AVAILABLE RECORDS section start

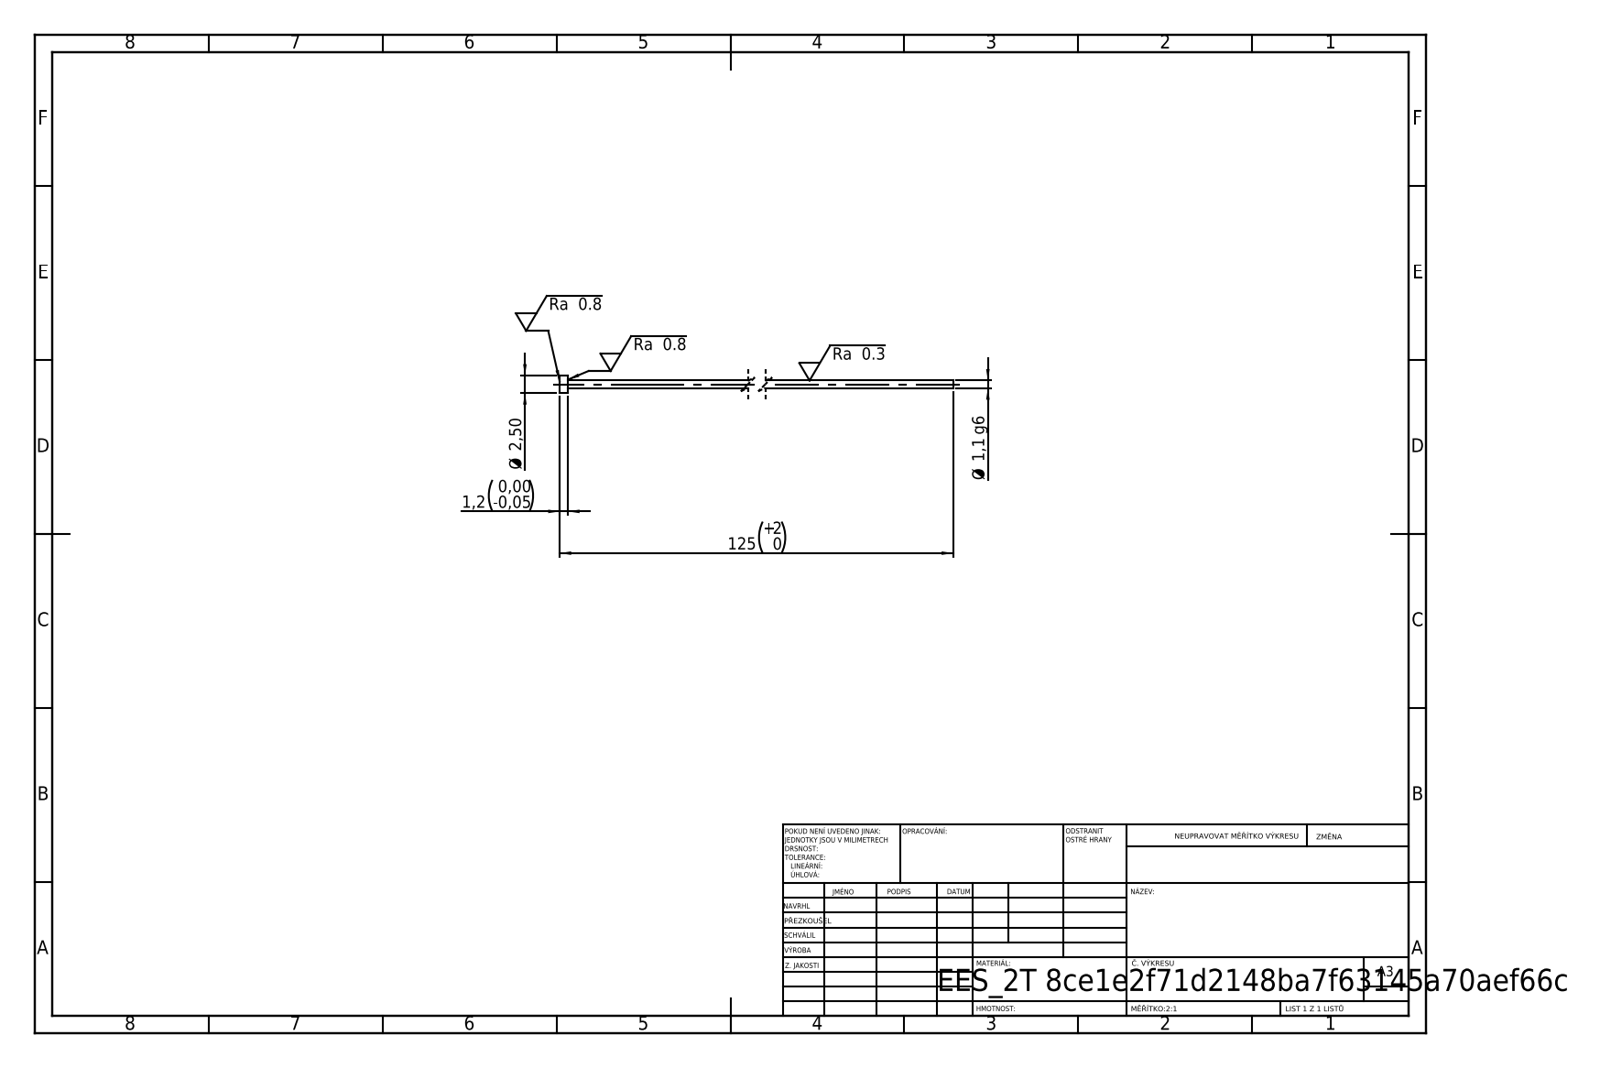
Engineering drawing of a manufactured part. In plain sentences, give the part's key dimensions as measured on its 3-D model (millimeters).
Its 3-D file was written by "SolidWorks 2019 (CONFIG_CONTROL_DESIGN)". It is 1 solid with 7 faces: 3 planar, 4 cylindrical and 0 other. Overall it measures 125 by 2.5 by 2.5 millimeters. Its volume is 124 cubic millimeters and its surface area 447 square millimeters. Round bosses or shafts: 1 of diameter 2.5, 1 of diameter 1.1. The main face-to-face distances are 1.2, 125, 123.8.
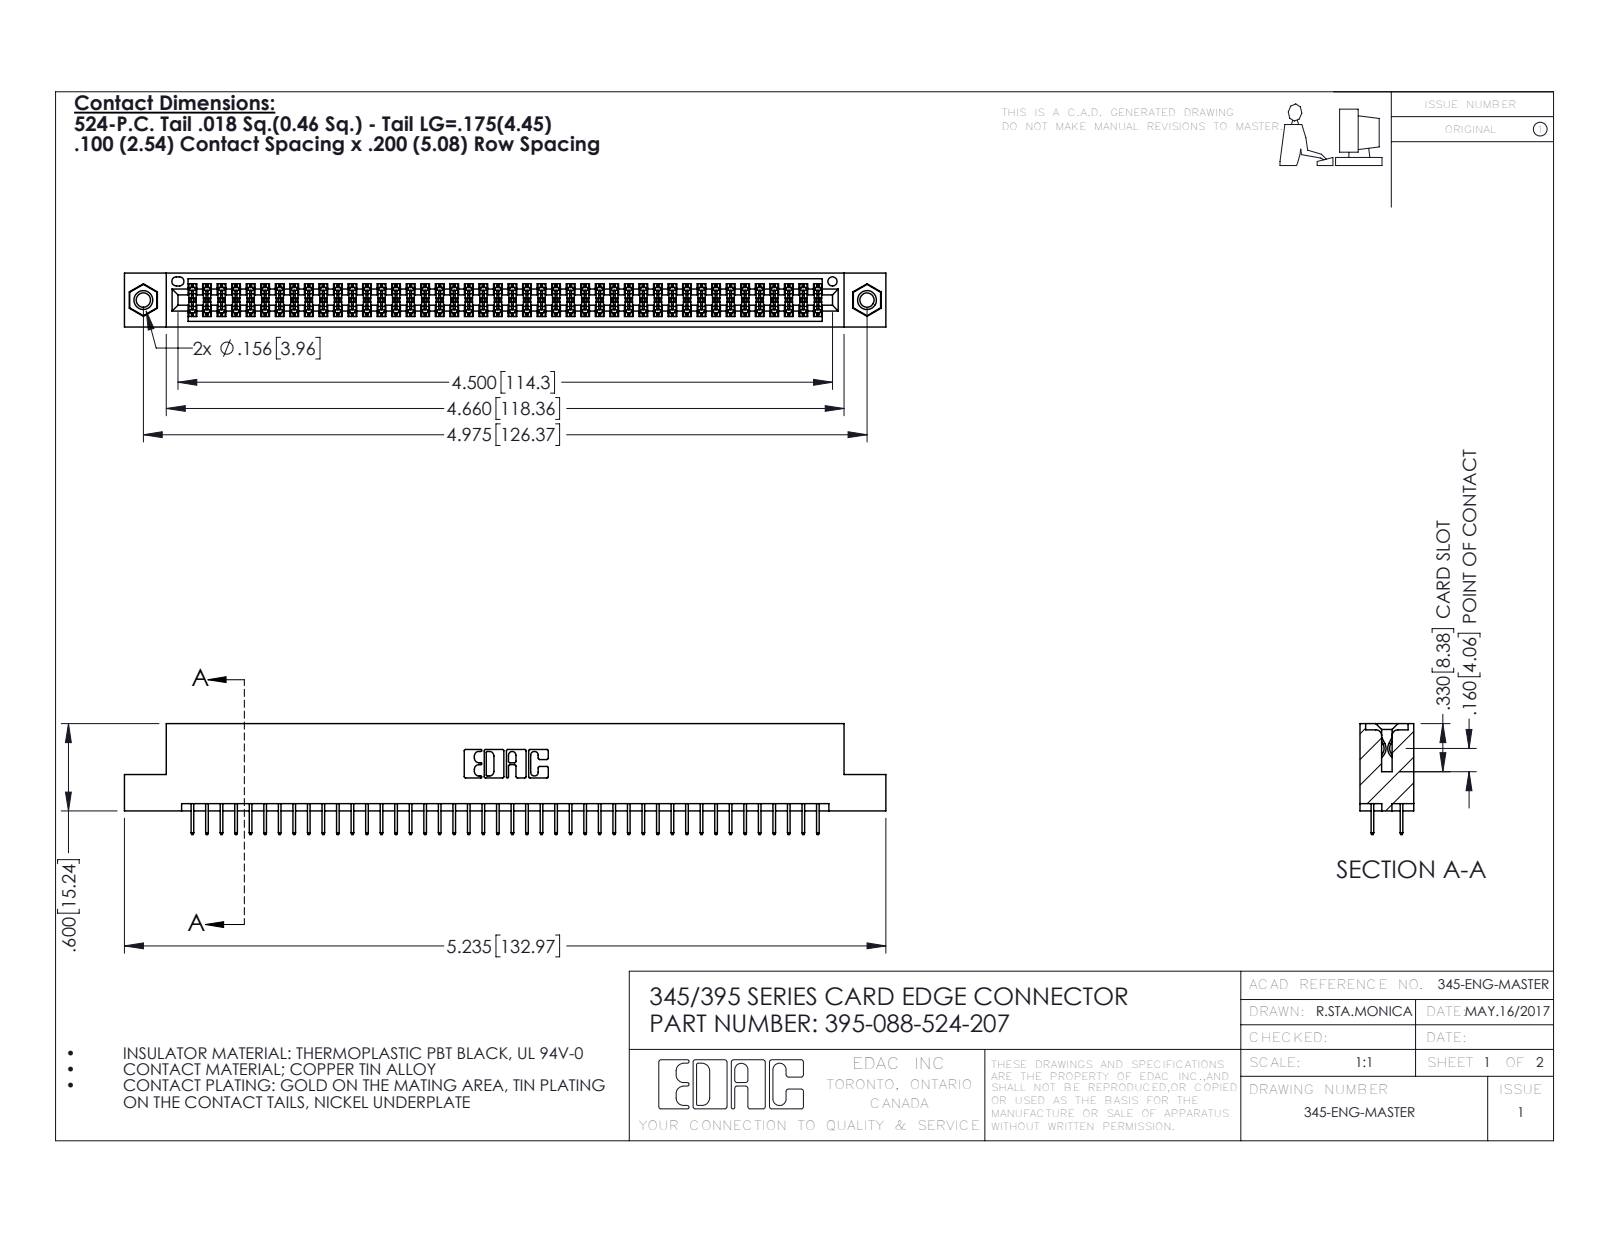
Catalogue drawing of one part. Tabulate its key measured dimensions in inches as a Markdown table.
| quantity | value |
| --- | --- |
| part name | 395-088-524-207; 345-250-001_345-250-005-103; 345 Part_Flush Mounting Lugs - 0.156 Dia-TI; 345-292-001_345-293-124 |
| STEP written by | SolidWorks 2016 (CONFIG_CONTROL_DESIGN) |
| units | inches |
| bodies | 91 solids, 4938 faces (3544 planar, 1378 cylindrical, 16 other) |
| overall size | 5.235 × 0.762 × 0.37 |
| volume | 0.78 in³ |
| surface area | 28.86 in² |
| round holes (diameter × count) | 0.098 × 2, 0.125 × 2, 0.156 × 2, 0.064 × 1 |
| round bosses / shafts (diameter × count) | 0.155 × 2 |
| partial cylindrical surfaces (radius × count) | 0.006 × 132, 0.01 × 22, 0.007 × 6, 0.031 × 6, 0.026 × 3, 0.014 × 2, 0.019 × 2, 0.022 × 2 |
| main face-to-face distances | 0.072, 0.298, 0.2, 0.37, 0.098, 0.272, 0.025, 0.225, 0.072, 0.175 |
| hole center spacings | 0.27, 4.739, 4.975 |
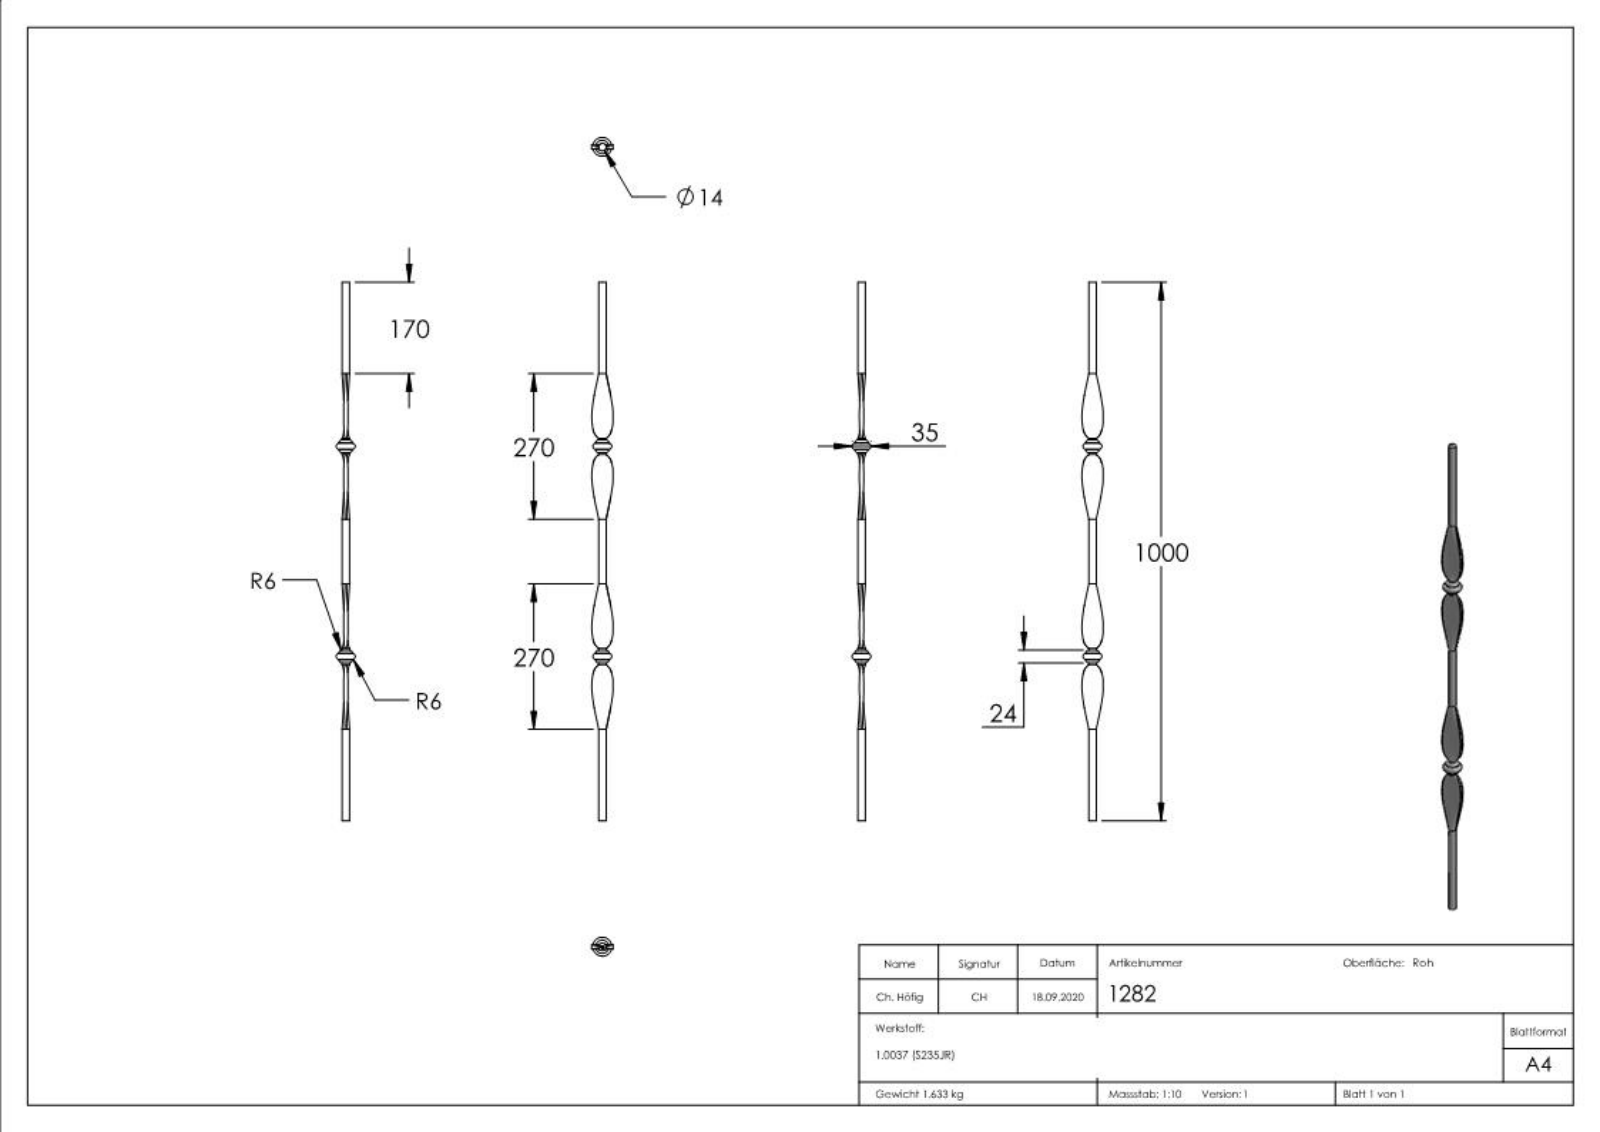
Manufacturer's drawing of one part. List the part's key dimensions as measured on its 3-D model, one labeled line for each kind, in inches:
Part name (STEP PRODUCT): 1282
STEP written by: SolidWorks 2018 (CONFIG_CONTROL_DESIGN)
Units: inches
Bodies: 1 solid, 218 faces (91 planar, 22 cylindrical, 105 other)
Overall size (bounding box): 39.37 × 1.571 × 1.378
Volume: 12.78 in³ · Surface area: 98.27 in²
Round bosses / shafts (diameter × count): ⌀0.984 ×1, ⌀0.551 ×1
Main face-to-face distances: 39.37, 39.366, 0.07, 0.033, 0.064, 0.119, 0.039, 0.016, 0.087, 0.026

AVAILABLE RECORDS section end

ASSIGNMENT:
Extract, exactly, the lines above that begin at the line containing "Manufacturer's drawing of" and end at the final line of the records; add no other text.

EXERCISE SOLUTION:
Manufacturer's drawing of one part. List the part's key dimensions as measured on its 3-D model, one labeled line for each kind, in inches:
Part name (STEP PRODUCT): 1282
STEP written by: SolidWorks 2018 (CONFIG_CONTROL_DESIGN)
Units: inches
Bodies: 1 solid, 218 faces (91 planar, 22 cylindrical, 105 other)
Overall size (bounding box): 39.37 × 1.571 × 1.378
Volume: 12.78 in³ · Surface area: 98.27 in²
Round bosses / shafts (diameter × count): ⌀0.984 ×1, ⌀0.551 ×1
Main face-to-face distances: 39.37, 39.366, 0.07, 0.033, 0.064, 0.119, 0.039, 0.016, 0.087, 0.026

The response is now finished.